Mental Health and Cultural Disconnect

The traumatic history of Native American groups has a massive impact on these overdose rates, as forceful deprivation from culture leads not only to issues such as inadequate healthcare and poverty, but also mental health issues, one cause of opioid treatment, these being direct pathways to opioid addictions.

Mental health issues are incredibly prevalent within NA/AN communities, with suicide rates for them being more than double those for the entire U.S. population. NA/AN individuals are also more likely to be diagnosed with anxiety disorders and PTSD. These mental health conditions, when left untreated or inadequately treated, can often lead to drug abuse. The IHS does provide care for mental health and substance abuse issues; however, the already underfunded organization only uses about 10% of these funds to support substance abuse treatment

These mental health issues can be attributed to many things; however, a major force playing into this is the history of trauma amongst Native Americans. This topic could be one if not several, entire blog posts, but here I will attempt to briefly sum it up. It is important to note that there are around 600 federally recognized tribes, so the experiences of NA/AN individuals can vary greatly. One thing most groups share is a prevalent history of displacement and loss of culture. In the late 19th century, the majority of Native American individuals were forced to relocate to reservations or into urban areas. This resulted in a decline in socioeconomic status, which resulted in poor living and working conditions, as well as heightened health issues, both mental and physical.

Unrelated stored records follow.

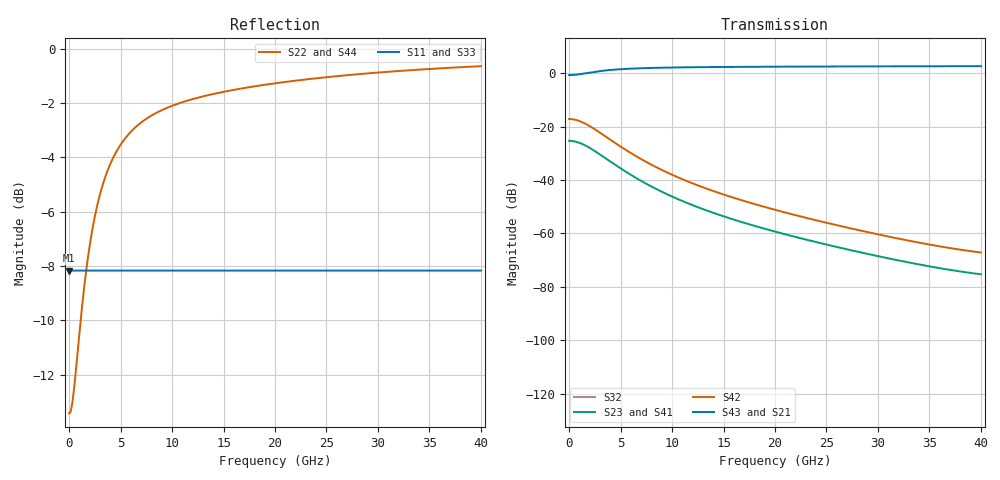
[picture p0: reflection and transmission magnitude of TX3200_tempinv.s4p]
# hz S ri R 50
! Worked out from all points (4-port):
!   20000 points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, 2 MHz to 40 GHz, reference 50 ohm
!   strongest paths, dB at 2 MHz, 10 GHz, 20 GHz, 30 GHz, 40 GHz:
!     S43: -0.7, 2.2, 2.5, 2.6, 2.7
!     S21: -0.8, 2.1, 2.4, 2.6, 2.7
!     S42: -17.1, -38.0, -51.1, -60.3, -67.1
!     S23: -25.3, -46.2, -59.3, -68.5, -75.3
!     S41: -25.3, -46.2, -59.3, -68.5, -75.3
!     S32: -, -, -, -, -
!   lowest |S11| = -8.2 dB at 2 MHz (marker M1), VSWR 2.28, Z = 114 + j0 ohm
!   |S11| at or under -10 dB: nowhere
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2000000  0.3907 0  0 0  0 0  0 0
         0.9166 0.00024  0.2134 -0.000614  -0.0544 7.02e-05  0.1392 -0.00018
         0 0  0 0  0.3907 0  0 0
         -0.0544 7.02e-05  0.1392 -0.00018  0.9231 0.000232  0.1968 -0.000594
1.478e9  0.3907 0  0 0  0 0  0 0
         0.9774 0.1412  0.0578 -0.3614  -0.0293 0.0347  0.075 -0.0889
         0 0  0 0  0.3907 0  0 0
         -0.0293 0.0347  0.075 -0.0889  0.9809 0.138  0.049 -0.3532
2.87e9  0.3907 0  0 0  0 0  0 0
        1.072 0.1933  -0.1841 -0.4947  -0.0023 0.0313  0.00588 -0.08
        0 0  0 0  0.3907 0  0 0
        -0.0023 0.0313  0.00588 -0.08  1.073 0.1917  -0.1861 -0.4907
5.624e9  0.3907 0  0 0  0 0  0 0
         1.193 0.1888  -0.4938 -0.4832  0.00863 0.0109  -0.0221 -0.0278
         0 0  0 0  0.3907 0  0 0
         0.00863 0.0109  -0.0221 -0.0278  1.195 0.1902  -0.4988 -0.4868
9.502e9  0.3907 0  0 0  0 0  0 0
         1.262 0.1537  -0.6718 -0.3935  0.00501 0.00213  -0.0128 -0.00545
         0 0  0 0  0.3907 0  0 0
         0.00501 0.00213  -0.0128 -0.00546  1.267 0.1543  -0.6831 -0.3948
2.1996e10  0.3907 0  0 0  0 0  0 0
           1.326 0.1014  -0.8343 -0.2596  0.000831 -0.00022  -0.00213 0.000564
           0 0  0 0  0.3907 0  0 0
           0.000832 -0.000219  -0.00213 0.000561  1.329 0.0981  -0.8409 -0.251
4e10  0.3907 0  0 0  0 0  0 0
      1.356 0.0726  -0.9104 -0.1857  4.33e-05 -0.000167  -0.000111 0.000427
      0 0  0 0  0.3907 0  0 0
      4.38e-05 -0.000167  -0.000112 0.000426  1.355 0.0703  -0.9098 -0.1799
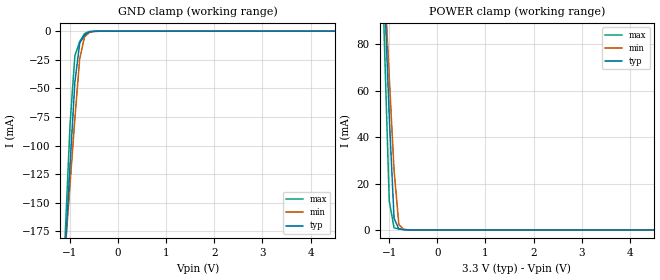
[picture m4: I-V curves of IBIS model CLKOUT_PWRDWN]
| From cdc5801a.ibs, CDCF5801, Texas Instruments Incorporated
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|   Clock Output  MODEL in POWER DOWN state
[Model]   CLKOUT_PWRDWN
Model_type   Terminator
|Signals   CLKOUT,CLKOUTB
|variable   typ   min   max
C_comp   2.9pF   NA   NA
[Temperature Range] 25.0   0   85.0
[Voltage range]   3.3V   3.135V   3.465V
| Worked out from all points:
|   GND clamp passes 1 mA (typ) near -0.61 V on its own axis
|   POWER clamp passes 1 mA (typ) near -0.81 V on its own axis
[GND Clamp]
|   40C:3.3V:nominal   85C:3.0V:weak   0C:3.6V:strong
|   Voltage   I(typ)   I(min)   I(max)
-3.6V     -2.068A    -1.638A    -2.609A
-1.1V     -191.3mA   -191.5mA   -177.1mA
-1V       -116.5mA   -133.7mA   -81.41mA
-900mV    -44.6mA    -76.39mA   -21.41mA
-800mV    -10.47mA   -24.23mA   -9.133mA
-700mV    -3.389mA   -4.973mA   -2.14mA
-600mV    -608.7uA   -1.147mA   -204.2uA
-500mV    -67.94uA   -176.9uA   -28.97uA
-300mV    -4.228uA   -4.461uA   -5.896uA
6.6V      90.78uA    69.83uA    129.7uA
[POWER Clamp]
|   40C:3.3V:nominal   85C:3.0V:weak   0C:3.6V:strong
|   Voltage   I(typ)   I(min)   I(max)
-3.6V     1.449A     1.143A     1.831A
-1.2V     156.3mA    148.7mA    150.2mA
-1.1V     102.5mA    107.3mA    80.16mA
-1V       48.84mA    65.9mA     12.51mA
-900mV    5.043mA    25.68mA    873.6uA
-800mV    395.6uA    2.294mA    462.2uA
-700mV    140.4uA    201.9uA    209.5uA
6.6V      -652.1pA   -3.956nA   -915pA
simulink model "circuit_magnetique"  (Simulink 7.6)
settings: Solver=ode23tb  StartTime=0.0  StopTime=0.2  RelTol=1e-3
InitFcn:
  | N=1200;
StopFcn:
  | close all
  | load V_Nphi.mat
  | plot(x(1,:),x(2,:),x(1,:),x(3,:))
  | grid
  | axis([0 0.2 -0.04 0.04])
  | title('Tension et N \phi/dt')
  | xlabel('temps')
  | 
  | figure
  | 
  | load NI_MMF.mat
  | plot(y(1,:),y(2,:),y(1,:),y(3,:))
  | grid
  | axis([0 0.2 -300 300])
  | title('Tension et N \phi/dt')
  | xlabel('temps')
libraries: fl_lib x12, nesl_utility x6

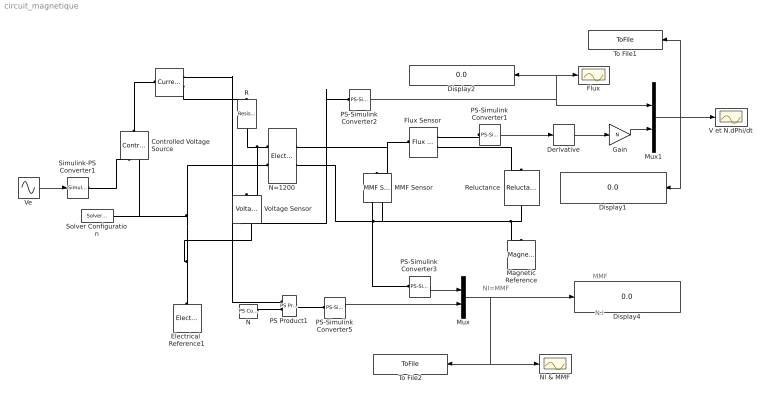
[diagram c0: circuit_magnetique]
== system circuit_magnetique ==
  note: NI=MMF
  note: MMF
  note: N.I
  Controlled Voltage Source : fl_lib/Electrical/Electrical Sources/Controlled Voltage Source  DialogController=NetworkEngine.DynNeDlgSource  SystemSampleTime=-1  i_Log=off  v_Log=off  LocalVarNames=|i|v  LocalVarDescs=|i|v  LocalVarLogging=[0 0]
  Derivative : Derivative
  Display1 : Display
  Display2 : Display
  Display4 : Display
  Electrical  Reference1 : fl_lib/Electrical/Electrical Elements/Electrical Reference  DialogController=NetworkEngine.DynNeDlgSource  SystemSampleTime=-1  i_Log=off  LocalVarNames=|i  LocalVarDescs=|i  LocalVarLogging=0
  Flux : Scope
  Flux Sensor : fl_lib/Magnetic/Magnetic Sensors/Flux Sensor  DialogController=NetworkEngine.DynNeDlgSource  SystemSampleTime=-1  phi_Log=off  mmf_Log=off  LocalVarNames=|phi|mmf  LocalVarDescs=|phi|mmf  LocalVarLogging=[0 0]
  Gain : Gain  Gain=N
  I : fl_lib/Electrical/Electrical Sensors/Current Sensor  DialogController=NetworkEngine.DynNeDlgSource  SystemSampleTime=-1  i1_Log=off  v1_Log=off  LocalVarNames=|i1|v1  LocalVarDescs=|i1|v1  LocalVarLogging=[0 0]
  MMF Sensor : fl_lib/Magnetic/Magnetic Sensors/MMF Sensor  DialogController=NetworkEngine.DynNeDlgSource  SystemSampleTime=-1  phi_Log=off  mmf_Log=off  LocalVarNames=|phi|mmf  LocalVarDescs=|phi|mmf  LocalVarLogging=[0 0]
  Magnetic Reference : fl_lib/Magnetic/Magnetic Elements/Magnetic Reference  DialogController=NetworkEngine.DynNeDlgSource  SystemSampleTime=-1  phi_Log=off  LocalVarNames=|phi  LocalVarDescs=|phi  LocalVarLogging=0
  Mux : Mux  Inputs=2
  Mux1 : Mux  Inputs=2
  N : fl_lib/Physical Signals/Sources/PS Constant  DialogController=NetworkEngine.DynNeDlgSource  SystemSampleTime=-1  constant=N  LocalVarLogging=[]
  N=1200 : fl_lib/Magnetic/Magnetic Elements/Electromagnetic Converter  DialogController=NetworkEngine.DynNeDlgSource  SystemSampleTime=-1  Nw=N  i_Log=off  v_Log=off  mmf_Log=off  phi_Log=off  LocalVarNames=|i|v|mmf|phi  LocalVarDescs=|i|v|mmf|phi  LocalVarLogging=[0 0 0 0]
  NI & MMF : Scope
  PS Product1 : fl_lib/Physical Signals/Functions/PS Product  DialogController=NetworkEngine.DynNeDlgSource  SystemSampleTime=-1  LocalVarLogging=[]
  PS-Simulink Converter{1..3,5} (4 alike) : nesl_utility/PS-Simulink Converter  DialogController=NetworkEngine.DynNeUtilDlgSource  SystemSampleTime=-1  PhysicalDomain=network_engine_domain  LeftPortType=input  RightPortType=output  SubClassName=ps_output  Unit=1  AffineConversion=off
  R : fl_lib/Electrical/Electrical Elements/Resistor  DialogController=NetworkEngine.DynNeDlgSource  SystemSampleTime=-1  R=1 kOhm  i_Log=off  v_Log=off  LocalVarNames=|i|v  LocalVarDescs=|i|v  LocalVarLogging=[0 0]
  Reluctance : fl_lib/Magnetic/Magnetic Elements/Reluctance  DialogController=NetworkEngine.DynNeDlgSource  SystemSampleTime=-1  g=0.3 m  CSA=4e-004 m^2  mur=1  phi_Log=off  mmf_Log=off  LocalVarNames=|phi|mmf  LocalVarDescs=|phi|mmf  LocalVarLogging=[0 0]
  Simulink-PS Converter1 : nesl_utility/Simulink-PS Converter  DialogController=NetworkEngine.DynNeUtilDlgSource  SystemSampleTime=-1  PhysicalDomain=network_engine_domain  LeftPortType=input  RightPortType=output  SubClassName=ps_input  Unit=1  AffineConversion=off  InputFilterTimeConstant=.001  UdotUserProvided=0
  Solver Configuration : nesl_utility/Solver Configuration  DialogController=NetworkEngine.DynNeUtilDlgSource  SystemSampleTime=-1  PhysicalDomain=network_engine_domain  LeftPortType=input  RightPortType=generic  SubClassName=solver  Accelerate=off  Profile=off  ResidualTolerance=1e-9  MaxNonlinIter=3  MaxModeIter=2  DoFixedCost=off  UseLocalSampling=off  DoDC=off  LinearAlgebra=Sparse  LocalSolverSampleTime=.001  LocalSolverChoice=NE_BACKWARD_EULER_ADVANCER  UseLocalSolver=off
  To File1 : ToFile  Filename=V_Nphi  MatrixName=x
  To File2 : ToFile  Filename=NI_MMF  MatrixName=y
  V et N.dPhi/dt : Scope
  Ve : Sin  Amplitude=220  Frequency=60  Phase=pi/2  SampleTime=0
  Voltage Sensor : fl_lib/Electrical/Electrical Sensors/Voltage Sensor  DialogController=NetworkEngine.DynNeDlgSource  SystemSampleTime=-1  i1_Log=off  v1_Log=off  LocalVarNames=|i1|v1  LocalVarDescs=|i1|v1  LocalVarLogging=[0 0]
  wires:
  Ve/1 -> Simulink-PS Converter1/1
  PS-Simulink Converter3/1 -> Mux/1
  PS-Simulink Converter1/1 -> Derivative/1
  PS-Simulink Converter5/1 -> Mux/2
  Mux/1 -> Display4/1, NI & MMF/1, To File2/1
  Derivative/1 -> Gain/1
  Mux1/1 -> V et N.dPhi/dt/1, Display1/1, To File1/1
  PS-Simulink Converter2/1 -> Mux1/1, Flux/1, Display2/1
  Gain/1 -> Mux1/2
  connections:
  Flux Sensor/LConn1 -- N=1200/RConn1 -- MMF Sensor/LConn1
  Simulink-PS Converter1/RConn1 -- Controlled Voltage Source/RConn1
  Controlled Voltage Source/LConn1 -- I/LConn1
  Electrical  Reference1/LConn1 -- Controlled Voltage Source/RConn2 -- Solver Configuration/RConn1 -- N=1200/LConn2 -- Voltage Sensor/RConn2
  MMF Sensor/RConn1 -- PS-Simulink Converter3/LConn1
  PS-Simulink Converter1/LConn1 -- Flux Sensor/RConn1
  I/RConn2 -- R/LConn1
  N=1200/LConn1 -- R/RConn1 -- Voltage Sensor/LConn1
  N/RConn1 -- PS Product1/LConn2
  PS Product1/RConn1 -- PS-Simulink Converter5/LConn1
  PS Product1/LConn1 -- I/RConn1
  Flux Sensor/RConn2 -- Reluctance/LConn1
  N=1200/RConn2 -- Reluctance/RConn1 -- Magnetic Reference/LConn1 -- MMF Sensor/RConn2
  Voltage Sensor/RConn1 -- PS-Simulink Converter2/LConn1

It is vital to remember that NA/AN groups are underrepresented in major clinical research studies. This results in the general public being unaware of the true extent of issues within these communities. This underrepresentation in research exacerbates the disparities and can easily result in the continuance of the opioid crisis for Native Americans with little to no acknowledgement from major government parties. Another impact of inadequate research is misconstrued statistics, and it is likely that the opioid crisis is worse for NA/AN groups than scholars anticipate, as overdose cases may be underestimated by as much as 35% due to race miscalculations.

Alternate Text: Image of a white hospital room with two bed placed in the center. Source: Flickr.
Image of a white hospital room with two bed placed in the center. Source: Flickr.

 

Creating Change

The first thing that needs to be done in order to improve the worsening opioid crisis in NA/AN areas is to improve funding for the Indian Health Service. The United States Congress must take action and increase funding—the funding in 2022 is less than half of what patients need. With adequate health care, individuals with mental health and substance abuse issues will be able to get the help that they need, and, on the more preventative side, with better care, individuals will be less likely to be prescribed opioids as a substitute for proper treatment.

The second action that needs to be taken is better awareness. There needs to be more research devoted to NA/AN groups, so that we are able to pin down what leads to these heightened addiction statistics. Overall, it is vital for individuals to take personal responsibility and increase their own awareness of the issues. Native Americans have been ignored and mistreated for decades, and this must be remedied in the present.